Dataset records
********

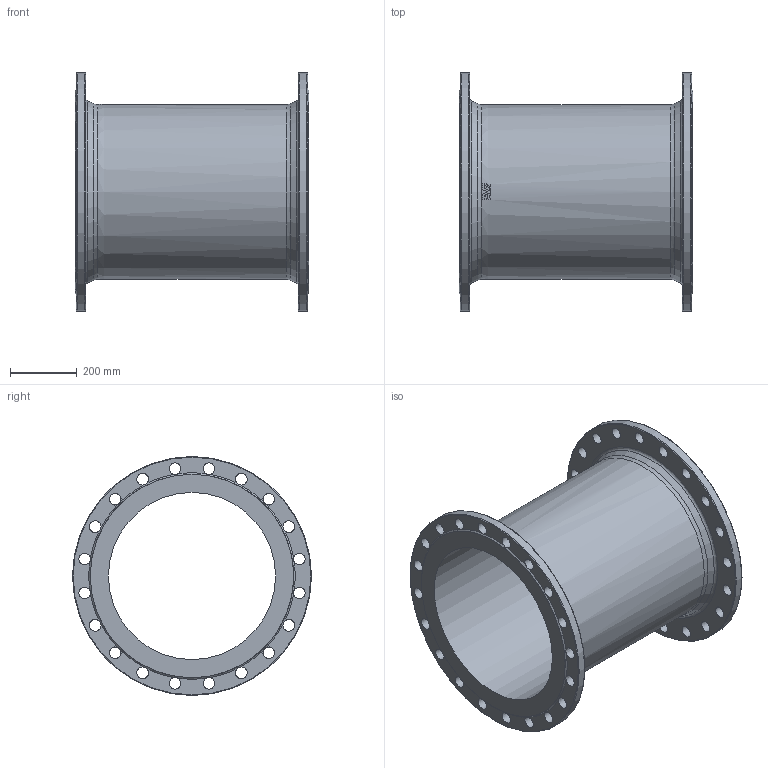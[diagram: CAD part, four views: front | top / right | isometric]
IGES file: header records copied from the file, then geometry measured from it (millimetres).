
Start section: SolidWorks IGES file using analytic representation for surfaces
Global section: file name: \\avksan2\techshare\PBM outline export from Enovia\O_712_5010_DN500_1X_REV01.igs; native system: SolidWorks 2019; preprocessor: SolidWorks 2019; author: pbm; date: 211203.112440; units: millimetre
Bounding box: 700 x 715 x 715 mm (x, y, z)
Surface area: 3056905.7 mm2 (no closed solid volume)
Topology: 0 solids, 0 shells, 103 faces, 685 edges, 628 vertices
Faces by surface type: revolution 60, bspline 43

********

Problem: Copy the records shown above in their entirety and exactly; images are to be left out.

Response box:
[diagram: CAD part, four views: front | top / right | isometric]
IGES file: header records copied from the file, then geometry measured from it (millimetres).
Start section: SolidWorks IGES file using analytic representation for surfaces
Global section: file name: \\avksan2\techshare\PBM outline export from Enovia\O_712_5010_DN500_1X_REV01.igs; native system: SolidWorks 2019; preprocessor: SolidWorks 2019; author: pbm; date: 211203.112440; units: millimetre
Bounding box: 700 x 715 x 715 mm (x, y, z)
Surface area: 3056905.7 mm2 (no closed solid volume)
Topology: 0 solids, 0 shells, 103 faces, 685 edges, 628 vertices
Faces by surface type: revolution 60, bspline 43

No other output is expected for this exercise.